Die Testklasse baut ein Testszenario mit Beispielwerten, ruft damit die Produktivklasse auf und überprüft, ob das richtige Ergebnis zurück kommt.

Was genau ist jetzt dein Problem? Genauer gesagt: Was hast du und was fehlt dir? Und was hat das mit Audio-Dateien zu tun?


----------



## SomeserIOs (27. Mrz 2016)

Hallo Saheeda,
danke für deine Rückmeldung.

Ich habe in meinem JUnits ein Objekt erstellt mit

AudioFile af = new Audifile();

Ich vermute das ich jetzt in der .java Datei in einer Methode diese dann "produktiv" wird...

Ich versuch mal jetzt konkreter zu sein ^^:

-falls ein neues Objekt in einer JUNit-Test erstellt wird, Welche Zusammenhänge gibt es da bez. der Methoden.

Meine Vermutung aus der C-Programmierung, dass ich Variablen bzw. Funktionen in der .java Datei aufrufen muss...

EDIT:
Hat lange gedauert, aber hab mir jetzt paar Java-Methoden für eine Stringanalyse gefunden (indexOf,lastIndexOf, valueOf, charAt, substring, trim)....

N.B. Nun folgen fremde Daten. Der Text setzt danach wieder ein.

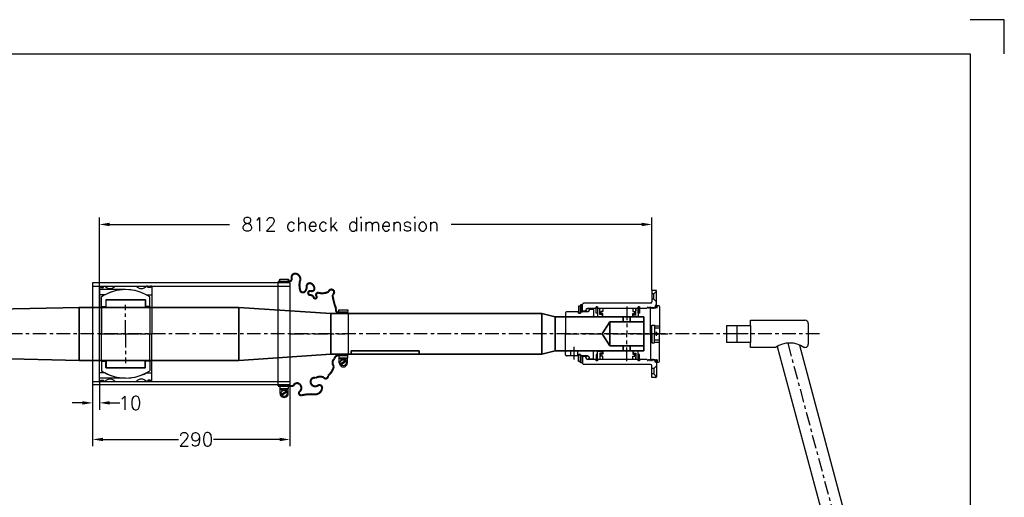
# Model space of a CAD drawing. Header units: millimetres. Extents: x -21605 to -18755, y -21786 to -19786.
# Tile 6 of 6: x -20202 to -18755, y -20488 to -19786. Entities that reach past the tile are written whole.
import ezdxf

# ---------------------------------------------------------------- set-up
doc = ezdxf.new("R2010")
doc.units = ezdxf.units.MM
doc.header["$LTSCALE"] = 5
doc.header["$PDMODE"] = 34
doc.header["$PDSIZE"] = 3
doc.linetypes.add('CENTER', pattern=[7, 4, -1, 1, -1])
doc.linetypes.add('HIDDEN', pattern=[9.525, 6.35, -3.175])
for name, color, linetype in [('Bearings', 1, 'Continuous'), ('Blade', 1, 'Continuous'), ('center', 6, 'CENTER'), ('RAMME', 7, 'Continuous')]:
    doc.layers.add(name, color=color, linetype=linetype)
doc.layers.add('DIMS', color=7, linetype='Continuous', lineweight=15)
doc.layers.add('STOCK', color=5, linetype='Continuous', lineweight=35)
doc.styles.add('ROMANS', font='romans')
doc.dimstyles.new('Text 20', dxfattribs={"dimtxt": 20, "dimasz": 15, "dimexe": 10, "dimexo": 0, "dimgap": 0, "dimtad": 0, "dimdsep": 46, "dimtxsty": 'ROMANS', "dimcen": 10, "dimazin": 2, "dimtfac": 0.65, "dimtofl": 0, "dimtmove": 0, "dimatfit": 0, "dimfxl": 0, "dimtolj": 1, "dimarcsym": 0})

# ---------------------------------------------------------------- blocks, each defined once
blk = doc.blocks.new('EM42035Z-SV')
for p, q in [((16.4, 92), (495.7, 220.4)), ((499.4, 218.3), (506.2, 193.2)), ((18.5, 59.4), (504, 189.5)), ((-15, 105), (0, 105)), ((0, 105), (15, 105)), ((-20, 20), (-20, 100)), ((20, 100), (20, 98.4)), ((20, 57), (20, 20)), ((-12.5, 20), (-20, 20)), ((-12.5, 20), (12.5, 20)), ((-12.5, -15), (-12.5, 20)), ((12.5, 20), (12.5, -15)), ((20, 20), (12.5, 20)), ((-12.5, 0), (12.5, 0)), ((-12.5, -15), (12.5, -15))]:
    blk.add_line(p, q)
for centre, radius, start, end in [((496.5, 217.5), 3, 15, 105), ((503.3, 192.4), 3, 285, 15), ((-15, 100), 5, 90, 180), ((15, 100), 5, 0, 90), ((49.7, 77.7), 36.2, 145.1402, 214.8598)]:
    blk.add_arc(centre, radius, start, end)
at = {"layer": 'center'}
for p, q in [((13.6, 74.7), (502.8, 205.7)), ((0, 121.5), (0, 0))]:
    blk.add_line(p, q, dxfattribs=at)
blk = doc.blocks.new('RUD30')
at = {"layer": 'center'}
blk.add_line((946.9, 0), (-972.3, 0), dxfattribs=at)
blk = doc.blocks.new('35mm emergency hole')
for p, q in [((-50, 17.5), (-61, 0)), ((0, 17.5), (-50, 17.5)), ((-50, 17.5), (-50, 0)), ((-30, 25), (-30, 17.5)), ((-20, 25), (-20, 17.5)), ((-50, -17.5), (-61, 0)), ((-50, -17.5), (-50, 0)), ((0, -17.5), (-50, -17.5)), ((-30, -25), (-30, -17.5)), ((-20, -25), (-20, -17.5))]:
    blk.add_line(p, q)
at = {"layer": 'center'}
for p in [(-25, 40), (-25, -40)]:
    blk.add_line(p, (-25, 0), dxfattribs=at)
blk = doc.blocks.new('Insert 140x130')
for p, q in [((-70, 38.5), (-70, 36.5)), ((-70, 38.5), (-57.5, 38.5)), ((-70, 36.5), (-68, 36.5)), ((-70, 32.5), (-70, 30.5)), ((-68, 32.5), (-70, 32.5)), ((-68, 36.5), (-68, 32.5)), ((-57.5, 30.3), (-57.5, 38.5)), ((-57.5, 38.5), (0, 38.5)), ((57.5, 38.5), (0, 38.5)), ((70, 38.5), (57.5, 38.5)), ((57.5, 30.3), (57.5, 38.5)), ((70, 36.5), (68, 36.5)), ((68, 36.5), (68, 32.5)), ((68, 32.5), (70, 32.5)), ((70, 38.5), (70, 36.5)), ((70, 32.5), (70, 30.5)), ((-70, -15.5), (-70, 15.5)), ((70, -15.5), (70, 15.5)), ((-70, -32.5), (-70, -30.5)), ((-68, -32.5), (-70, -32.5)), ((-70, -36.5), (-68, -36.5)), ((-70, -38.5), (-70, -36.5)), ((-70, -38.5), (-57.5, -38.5)), ((-68, -36.5), (-68, -32.5)), ((-57.5, -30.3), (-57.5, -38.5)), ((-57.5, -38.5), (0, -38.5)), ((57.5, -38.5), (0, -38.5)), ((57.5, -30.3), (57.5, -38.5)), ((70, -38.5), (57.5, -38.5)), ((68, -36.5), (68, -32.5)), ((68, -32.5), (70, -32.5)), ((70, -36.5), (68, -36.5)), ((70, -32.5), (70, -30.5)), ((70, -38.5), (70, -36.5))]:
    blk.add_line(p, q)
at = {"linetype": 'HIDDEN', "ltscale": 3}
for p, q in [((-65, 0), (-65, -38.5)), ((65, 0), (65, -38.5))]:
    blk.add_line(p, q, dxfattribs=at)
at = {"const_width": 0.95}
for points in [[(-69.6, 34.5, 1), (-68.6, 34.5, 1)], [(69.6, 34.5, -1), (68.6, 34.5, -1)], [(-69.6, -34.6, 1), (-68.5, -34.6, 1)], [(69.6, -34.6, -1), (68.5, -34.6, -1)]]:
    blk.add_lwpolyline(points, format="xyb", close=True, dxfattribs=at)
for centre, radius, start, end in [((-76.6, 23), 10, 311.4096, 48.5904), ((0, 0), 65, 152.2042, 207.7958), ((0, 0), 65, 332.2042, 27.7958), ((76.6, 23), 10, 131.4096, 228.5904), ((-76.6, -23), 10, 311.4096, 48.5904), ((76.6, -23), 10, 131.4096, 228.5904)]:
    blk.add_arc(centre, radius, start, end)
at = {"layer": 'center'}
for p, q in [((0, -38.5), (0, 38.5)), ((0, 0), (-42.9, 0)), ((0, 0), (42.9, 0))]:
    blk.add_line(p, q, dxfattribs=at)
blk = doc.blocks.new('Ball-130-078')
for p, q in [((-40.3, 35.5), (-54.4, 35.5)), ((-50, 29), (-40.3, 29)), ((-50, 29), (-50, -29)), ((-40.3, 35.5), (0, 35.5)), ((-40.3, 35.5), (-40.3, 29)), ((40.2, 35.5), (0, 35.5)), ((40.2, 35.5), (54.4, 35.5)), ((40.2, 35.5), (40.2, 29)), ((50, 29), (40.2, 29)), ((50, 29), (50, -29)), ((-50, -28.5), (-50, 28.5)), ((-50, 28.5), (-39, 28.5)), ((-39, 28.5), (-39, -28.5)), ((39, 28.5), (39, -28.5)), ((50, 28.5), (39, 28.5)), ((50, -28.5), (50, 28.5)), ((-39, -28.5), (-50, -28.5)), ((39, -28.5), (50, -28.5)), ((-40.3, -35.5), (-54.4, -35.5)), ((-50, -29), (-40.3, -29)), ((-40.3, -35.5), (-40.3, -29)), ((-40.3, -35.5), (0, -35.5)), ((40.2, -35.5), (0, -35.5)), ((40.2, -35.5), (54.4, -35.5)), ((50, -29), (40.2, -29)), ((40.2, -35.5), (40.2, -29))]:
    blk.add_line(p, q)
for start, end in [(146.8965, 213.1035), (326.8965, 33.1035)]:
    blk.add_arc((0, 0), 65, start, end)
at = {"layer": 'center'}
for p, q in [((0, -35.5), (0, 35.5)), ((0, 0), (-15.3, 0)), ((0, 0), (15.3, 0))]:
    blk.add_line(p, q, dxfattribs=at)
blk = doc.blocks.new('GA150060-SV')
for p, q in [((-35.5, 72), (-35.5, 85)), ((-35.5, 85), (-33, 85)), ((-31.5, 85.5), (31.5, 85.5)), ((35.5, 85), (33, 85)), ((35.5, 72), (35.5, 85)), ((42.5, 84.5), (35.5, 84.5)), ((35.5, 83), (36.4, 83)), ((35.5, 74), (36.4, 74)), ((42.5, 72.5), (35.5, 72.5)), ((39.3, 81.7), (44.4, 74.4)), ((40.6, 82.6), (45.7, 75.3)), ((-33, 72), (-35.5, 72)), ((33, 72), (35.5, 72)), ((-80.5, -15), (-80.5, -2)), ((-80.5, -2), (-78, -2)), ((80.5, -2), (78, -2)), ((80.5, -15), (80.5, -2)), ((87.5, -2.5), (80.5, -2.5)), ((80.5, -4), (81.4, -4)), ((80.5, -13), (81.4, -13)), ((84.3, -5.3), (89.4, -12.6)), ((85.6, -4.4), (90.7, -11.7)), ((-78, -15), (-80.5, -15)), ((76.5, -17.5), (-76.5, -17.5)), ((78, -15), (80.5, -15)), ((87.5, -14.5), (80.5, -14.5))]:
    blk.add_line(p, q)
at = {"const_width": 3, "flags": 128}
for points in [[(-31.5, 85.5), (-31.5, 71, -0.56619), (-36.5, 68, -0.059309), (-57.5, 62.5, 1.667268), (-62, 57, -0.191292), (-60.5, 41.5, 0.598056), (-55.5, 39, -1.163294), (-53.5, 35, 0.335337), (-57, 30, -1.224957), (-63, 31, 0.531721), (-66.5, 36, 0.226938), (-72.5, 33, 0.730034), (-70, 24.5, -0.219784), (-63, 22.5, -0.749263), (-64.5, 15, -0.120114), (-77, 14.5, 0.500401), (-88.5, 8.5, 0.538118), (-82, 2.5, -0.564179), (-77, -2.5, 0.223265), (-76.5, -5), (-76.5, -17.5)], [(31.5, 85.5), (31.5, 71.5, 0.36205), (36.5, 65.5, 0.432131), (47.5, 64.5, -0.176105), (61.5, 56, -0.835937), (64, 49.5, 0.258651), (65, 37.5, 0.405212), (67.5, 31, 0.760159), (76, 41, -0.75249), (81, 47, -0.352045), (89, 37, 0.086871), (90.5, 16.5, -0.704922), (84.5, 14.5, 0.450364), (74.5, 14.5, 0.542617), (75, 6, -0.335934), (76.5, 2.5), (76.5, -17.5)]]:
    blk.add_lwpolyline(points, format="xyb", dxfattribs=at)
for centre in [(42.5, 78.5), (87.5, -8.5)]:
    blk.add_circle(centre, 4.5)
for centre, radius, start, end in [((36.4, 82), 1, 330, 90), ((36.4, 75), 1, 270, 30), ((42.5, 78.5), 6, 150, 210), ((42.5, 78.5), 6, 270, 90), ((81.4, -5), 1, 330, 90), ((81.4, -12), 1, 270, 30), ((87.5, -8.5), 6, 150, 210), ((87.5, -8.5), 6, 270, 90)]:
    blk.add_arc(centre, radius, start, end)
at = {"layer": 'center'}
blk.add_line((0, 0), (0, 81), dxfattribs=at)
blk = doc.blocks.new('42050Z-SV')
for p, q in [((-64, 132.5), (-64, 127)), ((-47, 134), (-63, 134)), ((-63, 134), (-59, 130)), ((-42.5, 134), (-62.5, 134)), ((-47, 134), (-51, 130)), ((-41.5, 135), (-41.5, 136.5)), ((-38.4, 135), (-41.5, 135)), ((-41.5, 133), (-41.5, 132)), ((-41.5, 132), (-38.7, 132)), ((-40, 138), (-12, 138)), ((-38.9, 131), (-38.7, 131.2)), ((-38.9, 130.6), (-38.1, 130)), ((-38.7, 132), (-38.7, 131.2)), ((-38.4, 135), (-38.4, 133.6)), ((-38.4, 135), (-38.4, 135)), ((-38.4, 131), (-37.6, 131.6)), ((-38.4, 130.6), (-37.6, 130)), ((-37.6, 132), (-37.6, 132)), ((-13, 131), (-9, 131)), ((-13, 127), (-13, 131)), ((-12, 131), (-12, 138)), ((-12, 138), (-9, 138)), ((-9, 138), (0, 138)), ((-9, 131), (-9, 138)), ((-9, 131), (0, 131)), ((9, 138), (0, 138)), ((9, 131), (0, 131)), ((9, 131), (9, 138)), ((12, 138), (9, 138)), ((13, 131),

Meine Aufgabe ist es jetzt das ich ein Verzeichnis "parsen" soll und diese auch genau finden.... bin grad dabei ...


EDIT2:
AudioFile: hab ich als Methode da um einen Mediaplayer zu programmieren...


----------



## JStein52 (27. Mrz 2016)

SomeserIOs hat gesagt.:


> falls ein neues Objekt in einer JUNit-Test erstellt wird, Welche Zusammenhänge gibt es da bez. der Methoden.


Wie @Saheeda erklärt hat: du hast eine Testklasse deren Aufgabe es ist die Methoden der zu testenden Klasse mit den gewünschten Parametern aufzurufen ! Sind dies Klassenmethoden muss dazu vorher kein Objekt dieser Klasse erzeugt werden, ansonsten natürlich schon. Und durch wiederholte Aufrufe der Methoden mit verschiedenen Parametern sollte im Idealfall jeder Pfad im Code der zu testenden Methode durchlaufen werden.


----------